Le sommet trilatéral entre la Russie, l’Inde et la Chine, qui s’est tenu en marge du G20 à Buenos Aires le 1er décembre, est un événement marquant pour la sécurité asiatique et la politique mondiale. Le format RIC [Russie, Inde, Chine] a fait un grand pas en avant quand les dirigeants des trois pays se sont mis d’accord « pour tenir d’autres réunions trilatérales de ce type en d’autres occasions de rencontre multilatérales » – pour citer une déclaration du ministère indien des Affaires étrangères.

Ce qui est particulièrement intéressant est de voir que le président russe Vladimir Poutine a pris l’initiative et que le premier ministre indien Narendra Modi et le président chinois Xi Jinping se sont instinctivement ralliés à cette idée. Les trois dirigeants étaient tout à fait conscients de la toile de fond sur laquelle s’est déroulée cette rencontre.

Ils ont évoqué les impératifs de la coopération et de la coordination entre leurs pays pour relever les défis en matière de sécurité et de développement. La promotion d’un monde multilatéral, la démocratisation de l’ordre international, la paix et la stabilité mondiale ont été soulignées à plusieurs reprises.
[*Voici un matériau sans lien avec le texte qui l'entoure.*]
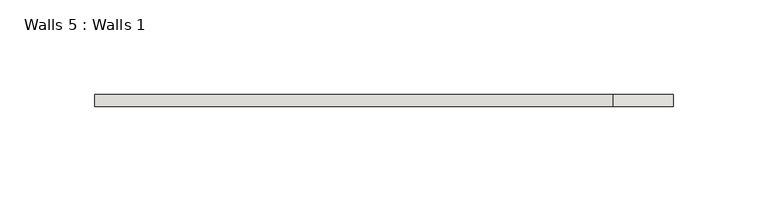
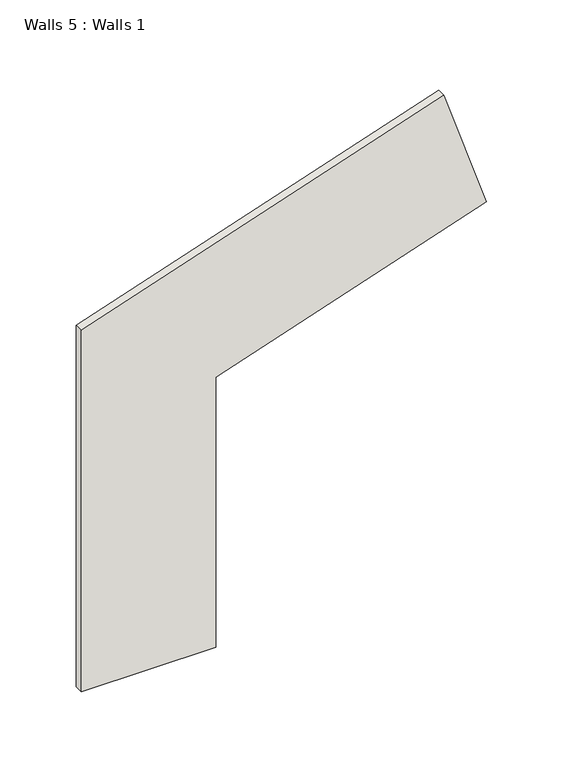
"""IFC4 building model written with IfcOpenShell, lengths in millimetres: wall geometry, Walls 5 : Walls 1."""

from ifc_helpers import new_model, si_unit, frame, origin, place, context, project, spatial, polyline, outline, extrude, source, transform, mapped, element, save


def walls_5_walls_1_e7ce3408(model_context):
    return source(origin(), model_context, "Body", "SweptSolid", [
        extrude(outline(polyline([(5071.1413299, 19768.3370052), (4782.1134335, 19768.3370052), (4782.1134335, 19869.9370052), (4998.0134335, 19869.9370052), (5066.5557127, 20074.6679651), (5162.8996939, 20042.4127749), (5071.1413299, 19768.3370052)])), frame((0.0, -976.6384634, 0.0), z_axis=(0.0, 1.0, 0.0), x_axis=(0.0, 0.0, 1.0)), (0.0, 0.0, 1.0), 6.35),
    ])


if __name__ == "__main__":
    model = new_model("IFC4")
    model_context = context("Model", 3, world=origin())
    ifc_project = project(units=[si_unit("LENGTHUNIT", "METRE", prefix="MILLI")], contexts=[model_context])
    site = spatial("IfcSite", under=ifc_project)
    building = spatial("IfcBuilding", under=site)
    placement = place(None, origin())
    walls_5_walls_1_shape = walls_5_walls_1_e7ce3408(model_context)
    element("IfcWall", 1, ObjectType="Walls 5 : Walls 1", at=placement, inside=building, context=model_context, shape_type="MappedRepresentation", body=[
        mapped(walls_5_walls_1_shape, transform((0.0, 0.0, 0.0), x_axis=(1.0, 0.0, 0.0), y_axis=(0.0, 1.0, 0.0), z_axis=(0.0, 0.0, 1.0))),
    ])
    save(model, "model.ifc")

# Revit data of these elements
# Element 1 (IfcWall, "Walls 5 : Walls 1")
#   Materials on its faces: "1/4\" STEEL GUSSET PLATE - (RAW STEEL)"
# Materials
#   "1/4\" STEEL GUSSET PLATE - (RAW STEEL)": class "Metal", colour RGB 189 187 185, transparency 0, Description = "Structural steel 50ksi", Cost = 0
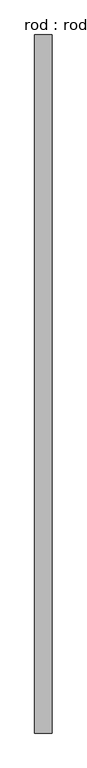
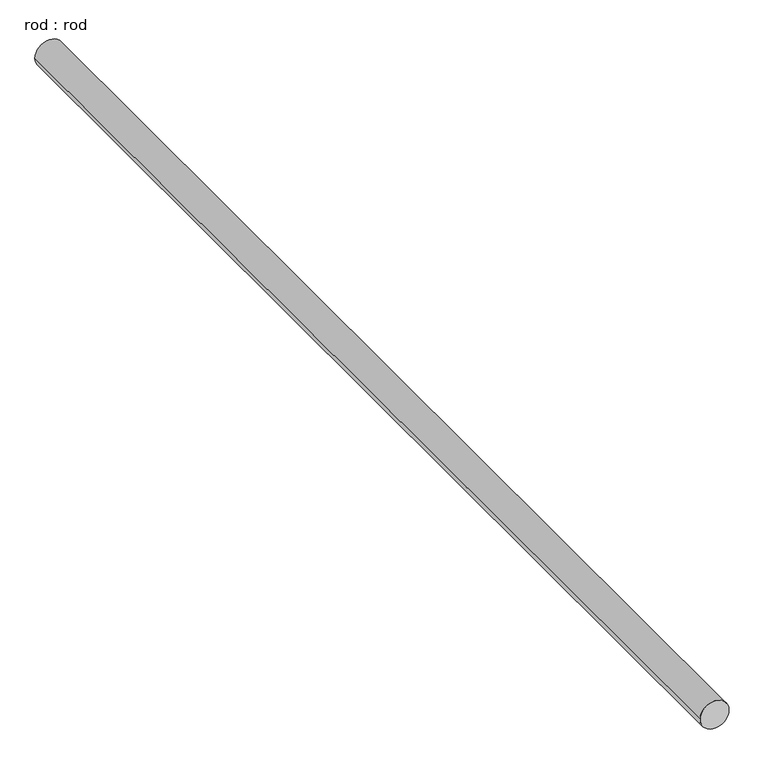
"""IFC4 building model written with IfcOpenShell, lengths in millimetres: proxy geometry, rod : rod."""

from ifc_helpers import new_model, si_unit, point, frame, frame_2d, origin, place, context, project, spatial, circle_curve, trimmed, segment, composite_curve, outline, extrude, source, transform, mapped, element, save


def rod_rod_af5d621a(model_context):
    return source(origin(), model_context, "Body", "SweptSolid", [
        extrude(outline(composite_curve([segment(trimmed(circle_curve(frame_2d((0.0108462, 0.0)), 200.0), [point((0.0108462, 200.0))], [point((0.0108462, -200.0))], False, "CARTESIAN"), True, "CONTINUOUS"), segment(trimmed(circle_curve(frame_2d((0.0108462, 0.0)), 200.0), [point((0.0108462, -200.0))], [point((0.0108462, 200.0))], False, "CARTESIAN"), True, "CONTINUOUS")], self_intersect=False)), frame((0.0, -3880.743025, 0.0), z_axis=(0.0, 1.0, 0.0), x_axis=(0.0, 0.0, 1.0)), (0.0, 0.0, 1.0), 15946.9432808),
    ])


if __name__ == "__main__":
    model = new_model("IFC4")
    model_context = context("Model", 3, world=origin())
    ifc_project = project(units=[si_unit("LENGTHUNIT", "METRE", prefix="MILLI")], contexts=[model_context])
    site = spatial("IfcSite", under=ifc_project)
    building = spatial("IfcBuilding", under=site)
    placement = place(None, origin())
    rod_rod_shape = rod_rod_af5d621a(model_context)
    element("IfcBuildingElementProxy", 1, Name="rod : rod", ObjectType="rod : rod", at=placement, inside=building, context=model_context, shape_type="MappedRepresentation", body=[
        mapped(rod_rod_shape, transform((0.0, 0.0, 0.0), x_axis=(1.0, 0.0, 0.0), y_axis=(0.0, 1.0, 0.0), z_axis=(0.0, 0.0, 1.0))),
    ])
    save(model, "model.ifc")

# Revit data of these elements
# Type "rod : rod"
#   Default Elevation = 0

Il est important de noter que les remarques du Premier ministre Modi étaient très catégoriques et spécifiques. Modi a noté que la réunion a été « l’occasion de discuter librement et ouvertement de certaines questions clés qui suscitent des préoccupations au niveau mondial ». Il a ajouté :

« Vos Excellences, sans aucun doute le monde d’aujourd’hui traverse une période de profonds changements, d’instabilité et de tensions géopolitiques croissantes. De sérieuses pressions s’exercent sur le leadership mondial. Les relations multilatérales et l’ordre mondial fondé sur des règles communes sont de plus en plus rejetés par divers groupes unilatéraux, transnationaux et locaux, et par différentes nations dans le monde. Nous pouvons le constater quand des sanctions sont imposées en dehors du cadre de l’ONU et que les politiques protectionnistes progressent.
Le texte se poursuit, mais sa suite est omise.